As Joey realizes her complex feelings for both Dawson and Pacey, we see the show’s main characters’ true personalities emerge. Dawson becomes withholding and spiteful – he even crashes his boat into Pacey’s (see what I mean about the boats?). But Pacey communicates honestly with Joey, and gives her the time and space to decide what she wants. Teenage girls get to see what the nice guy is actually like, and we finally get to see Joey have a healthy, communicative, and respectful relationship (she and Pacey go away on a trip together, on Pacey’s boat). Oh, and we get to see Dawson cry.
Meanwhile, we also get to watch groundbreaking storylines, courtesy of newcomer Andie and her brother Jack (played by Kerr Smith). Characters that experience mental health issues are usually a sensationalized plot device in television, but in Dawson’s Creek, they are treated with respect, normalizing a generation of viewers to the ideas of seeking out help through therapy and taking medication without shame. We see the sweet, yet high-strung Andie have difficulty balancing her high expectations for herself while taking care of her mother, being her brother’s protector, and figuring out her relationship with Pacey. Andie ultimately starts taking medication with the support of her friends and family. When a death triggers her unresolved trauma, she decides, with the help of her support system, that she should take some time to recover at a treatment facility. And no, it’s not a Riverdale-style spooky asylum run by evil nuns. It’s a legitimate mental health treatment center. In another instance, Jen’s experience attending school-mandated therapy helps her understand that her issues with trust are due, in part, to her father’s neglect. The series suggests that anyone can benefit from therapy, regardless of how they look and act, and that it isn’t shameful, or even uncommon, to seek help.

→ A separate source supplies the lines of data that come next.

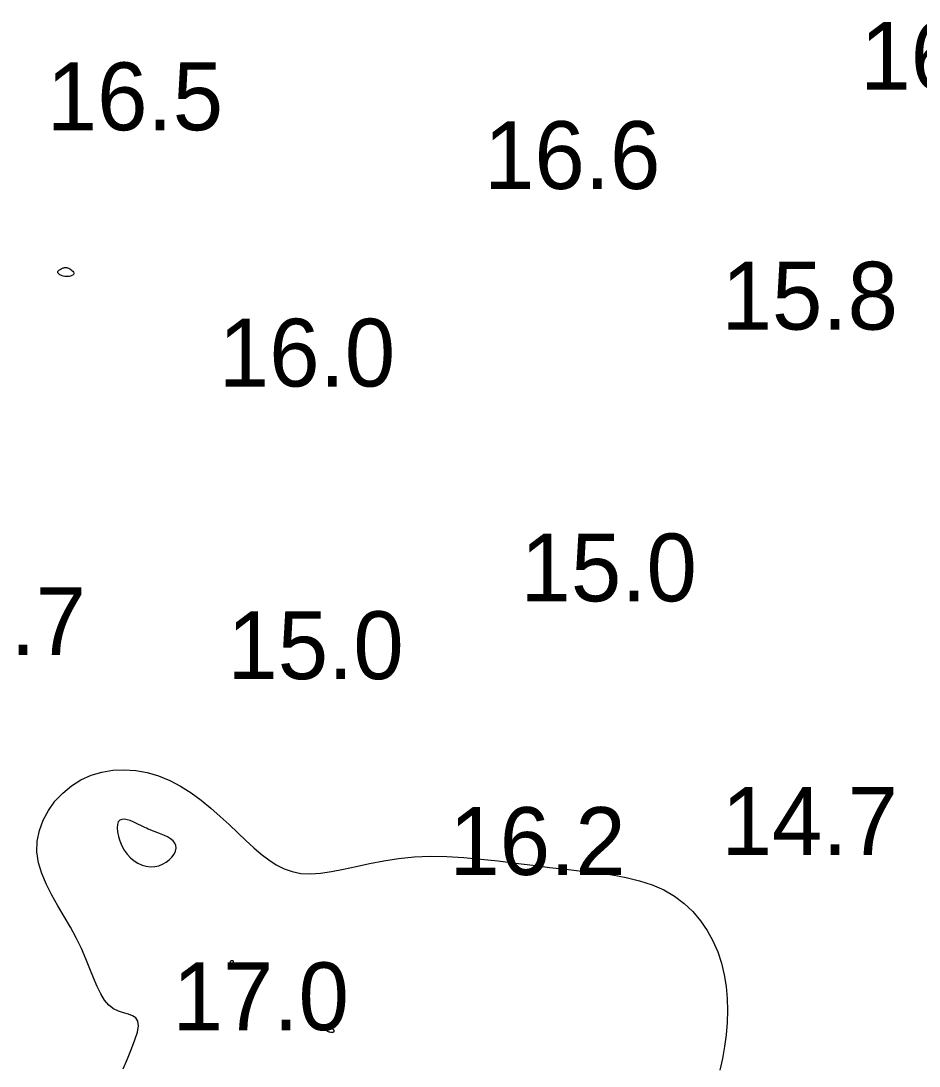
# Model space of a CAD drawing. Extents: x 3040093 to 3056816, y 408076 to 509144.
# Drawn here: x 3045721.6 to 3045787.8, y 434029.7 to 434106.8 of the extents above; entities that cross this region are included whole.
import ezdxf

# ---------------------------------------------------------------- set-up
doc = ezdxf.new("R2010")
doc.units = 0
doc.layers.add('V-CHAN-CONT-EL17', color=7, linetype='Continuous')
doc.layers.add('V-TOPO-SOUN-0610', color=7, linetype='Continuous')

msp = doc.modelspace()

# ---------------------------------------------------------------- linework, layer by layer
at = {"layer": 'V-CHAN-CONT-EL17'}
for points in [[(3045724.707, 434087.99), (3045724.613, 434088.019), (3045724.528, 434088.056), (3045724.454, 434088.098), (3045724.393, 434088.144), (3045724.346, 434088.191), (3045724.314, 434088.239), (3045724.299, 434088.285), (3045724.301, 434088.327), (3045724.318, 434088.365), (3045724.348, 434088.4), (3045724.388, 434088.433), (3045724.435, 434088.463), (3045724.487, 434088.492), (3045724.54, 434088.52), (3045724.593, 434088.546), (3045724.643, 434088.572), (3045724.692, 434088.596), (3045724.74, 434088.616), (3045724.789, 434088.631), (3045724.841, 434088.639), (3045724.898, 434088.639), (3045724.96, 434088.629), (3045725.029, 434088.607), (3045725.107, 434088.573), (3045725.188, 434088.528), (3045725.269, 434088.474), (3045725.343, 434088.415), (3045725.407, 434088.352), (3045725.455, 434088.288), (3045725.483, 434088.225), (3045725.485, 434088.167), (3045725.458, 434088.114), (3045725.405, 434088.067), (3045725.332, 434088.029), (3045725.241, 434087.998), (3045725.139, 434087.976), (3045725.03, 434087.964), (3045724.919, 434087.962), (3045724.81, 434087.97)], [(3045729.66, 434045.089), (3045729.929, 434044.869), (3045730.217, 434044.693), (3045730.519, 434044.562), (3045730.829, 434044.478), (3045731.141, 434044.44), (3045731.449, 434044.45), (3045731.748, 434044.509), (3045732.032, 434044.615), (3045732.294, 434044.762), (3045732.527, 434044.941), (3045732.724, 434045.142), (3045732.879, 434045.358), (3045732.985, 434045.579), (3045733.033, 434045.796), (3045733.019, 434046.001), (3045732.938, 434046.186), (3045732.799, 434046.351), (3045732.615, 434046.498), (3045732.4, 434046.629), (3045732.165, 434046.744), (3045731.924, 434046.846), (3045731.69, 434046.936), (3045731.474, 434047.016), (3045731.287, 434047.086), (3045731.125, 434047.151), (3045730.979, 434047.212), (3045730.844, 434047.273), (3045730.711, 434047.335), (3045730.574, 434047.402), (3045730.424, 434047.476), (3045730.255, 434047.559), (3045730.062, 434047.653), (3045729.852, 434047.749), (3045729.634, 434047.835), (3045729.418, 434047.902), (3045729.213, 434047.937), (3045729.03, 434047.93), (3045728.876, 434047.871), (3045728.762, 434047.749), (3045728.696, 434047.556), (3045728.676, 434047.303), (3045728.702, 434047.006), (3045728.769, 434046.678), (3045728.877, 434046.334), (3045729.022, 434045.988), (3045729.203, 434045.656), (3045729.417, 434045.353)], [(3045737.107, 434037.234), (3045737.122, 434037.242), (3045737.138, 434037.256), (3045737.154, 434037.273), (3045737.169, 434037.293), (3045737.184, 434037.315), (3045737.199, 434037.336), (3045737.213, 434037.357), (3045737.226, 434037.376), (3045737.238, 434037.393), (3045737.248, 434037.408), (3045737.256, 434037.422), (3045737.262, 434037.434), (3045737.264, 434037.445), (3045737.263, 434037.456), (3045737.257, 434037.466), (3045737.247, 434037.476), (3045737.234, 434037.485), (3045737.217, 434037.492), (3045737.198, 434037.499), (3045737.177, 434037.504), (3045737.155, 434037.506), (3045737.133, 434037.507), (3045737.112, 434037.504), (3045737.092, 434037.498), (3045737.074, 434037.49), (3045737.058, 434037.478), (3045737.044, 434037.464), (3045737.032, 434037.448), (3045737.023, 434037.429), (3045737.018, 434037.407), (3045737.015, 434037.384), (3045737.016, 434037.359), (3045737.021, 434037.334), (3045737.028, 434037.309), (3045737.037, 434037.285), (3045737.049, 434037.265), (3045737.062, 434037.248), (3045737.076, 434037.237), (3045737.091, 434037.232)], [(3045744.684, 434032.362), (3045744.669, 434032.385), (3045744.648, 434032.407), (3045744.624, 434032.428), (3045744.598, 434032.447), (3045744.571, 434032.464), (3045744.544, 434032.477), (3045744.518, 434032.487), (3045744.495, 434032.492), (3045744.473, 434032.492), (3045744.452, 434032.489), (3045744.432, 434032.483), (3045744.41, 434032.475), (3045744.387, 434032.465), (3045744.36, 434032.453), (3045744.33, 434032.441), (3045744.297, 434032.429), (3045744.261, 434032.416), (3045744.225, 434032.403), (3045744.193, 434032.39), (3045744.166, 434032.376), (3045744.147, 434032.362), (3045744.139, 434032.347), (3045744.144, 434032.332), (3045744.164, 434032.316), (3045744.197, 434032.3), (3045744.241, 434032.284), (3045744.291, 434032.27), (3045744.347, 434032.257), (3045744.404, 434032.247), (3045744.46, 434032.241), (3045744.512, 434032.238), (3045744.559, 434032.239), (3045744.599, 434032.245), (3045744.632, 434032.254), (3045744.658, 434032.266), (3045744.678, 434032.282), (3045744.69, 434032.299), (3045744.695, 434032.319), (3045744.693, 434032.34)]]:
    msp.add_lwpolyline(points, close=True, dxfattribs=at)
msp.add_lwpolyline([(3045729.112, 434029.528), (3045729.437, 434030.281), (3045729.74, 434031.002), (3045729.994, 434031.666), (3045730.173, 434032.246), (3045730.248, 434032.714), (3045730.203, 434033.054), (3045730.05, 434033.288), (3045729.81, 434033.446), (3045729.505, 434033.562), (3045729.157, 434033.665), (3045728.786, 434033.789), (3045728.415, 434033.964), (3045728.064, 434034.222), (3045727.75, 434034.587), (3045727.465, 434035.053), (3045727.197, 434035.606), (3045726.933, 434036.232), (3045726.661, 434036.917), (3045726.367, 434037.647), (3045726.04, 434038.407), (3045725.666, 434039.185), (3045725.24, 434039.969), (3045724.78, 434040.755), (3045724.313, 434041.545), (3045723.864, 434042.336), (3045723.459, 434043.13), (3045723.124, 434043.926), (3045722.884, 434044.724), (3045722.765, 434045.523), (3045722.787, 434046.322), (3045722.944, 434047.108), (3045723.222, 434047.87), (3045723.61, 434048.593), (3045724.095, 434049.266), (3045724.665, 434049.873), (3045725.307, 434050.404), (3045726.009, 434050.843), (3045726.758, 434051.181), (3045727.546, 434051.418), (3045728.363, 434051.554), (3045729.2, 434051.592), (3045730.047, 434051.534), (3045730.895, 434051.383), (3045731.736, 434051.139), (3045732.56, 434050.804), (3045733.359, 434050.384), (3045734.131, 434049.893), (3045734.877, 434049.346), (3045735.595, 434048.761), (3045736.284, 434048.153), (3045736.946, 434047.541), (3045737.578, 434046.94), (3045738.181, 434046.367), (3045738.755, 434045.836), (3045739.312, 434045.357), (3045739.862, 434044.934), (3045740.417, 434044.576), (3045740.99, 434044.287), (3045741.591, 434044.074), (3045742.233, 434043.945), (3045742.927, 434043.904), (3045743.682, 434043.954), (3045744.499, 434044.078), (3045745.376, 434044.254), (3045746.31, 434044.461), (3045747.3, 434044.678), (3045748.342, 434044.882), (3045749.435, 434045.052), (3045750.577, 434045.167), (3045751.765, 434045.211), (3045752.989, 434045.19), (3045754.24, 434045.117), (3045755.509, 434045.003), (3045756.786, 434044.861), (3045758.061, 434044.703), (3045759.325, 434044.541), (3045760.568, 434044.388), (3045761.782, 434044.251), (3045762.959, 434044.121), (3045764.096, 434043.984), (3045765.187, 434043.827), (3045766.227, 434043.637), (3045767.211, 434043.399), (3045768.133, 434043.1), (3045768.988, 434042.727), (3045769.773, 434042.27), (3045770.486, 434041.733), (3045771.127, 434041.125), (3045771.696, 434040.455), (3045772.192, 434039.731), (3045772.616, 434038.961), (3045772.968, 434038.155), (3045773.247, 434037.321), (3045773.454, 434036.466), (3045773.594, 434035.596), (3045773.672, 434034.715), (3045773.694, 434033.827), (3045773.663, 434032.938), (3045773.587, 434032.05), (3045773.47, 434031.168), (3045773.318, 434030.298), (3045773.137, 434029.443)], dxfattribs=at)

# ---------------------------------------------------------------- texts
at = {"layer": 'V-TOPO-SOUN-0610'}
for s, p in [('16.4 ', (3045783.483, 434101.74)), ('16.5 ', (3045723.483, 434098.75)), ('16.6 ', (3045755.733, 434094.42)), ('15.8 ', (3045773.253, 434084.05)), ('16.0 ', (3045736.173, 434079.85)), ('15.0 ', (3045758.423, 434064.01)), ('15.7 ', (3045713.373, 434060.04)), ('15.0 ', (3045736.803, 434058.27)), ('14.7 ', (3045773.253, 434045.31)), ('16.2 ', (3045753.173, 434043.83)), ('17.0 ', (3045732.763, 434032.38))]:
    msp.add_text(s, height=5, dxfattribs=at).set_placement(p)

doc.saveas('drawing.dxf')

And Dawson’s Creek even has – that’s right! – a complex gay character. Andie’s brother Jack initially shows up in Capeside as a quiet, artistic love interest for Joey. Eventually, we get to watch him come out with the support of Joey and his other friends, and we see him pursue romantic relationships with interesting, well-developed love interests. The show even aired TV’s first onscreen romantic male kiss. And although Jack becomes Jen’s best friend, he is not reduced to the “gay best friend” trope. Jen and Jack become a healthy constant in each other’s lives, providing support for one another in times of romantic and familial trouble. We get to see a gay high schooler who is popular, who’s on the football team, who has a supportive group of friends, and who isn’t constantly bullied and traumatized, as gay characters often are. This isn’t to say that there aren’t homophobic characters and plotlines within the show. They just aren’t the overarching theme of Jack’s entire story. We get to see a nuanced gay character in the 90s. We get to see queer joy.
Watching Dawson’s Creek today, you can definitely see its age showing. The series can no longer be considered a “progressive” television series; it has a severe diversity problem in its casting, Pacey attempts to pester his gay brother out of the closet for much of the show’s first two seasons, and Dawson slut-shames any girl who has sex with someone other than him. Heck, the show isn’t even well-written most of the time. Still, I am an unapologetic fan of this silly teenage drama. Of all that it accomplished, of all that came after it, and of its strange obsession with boats.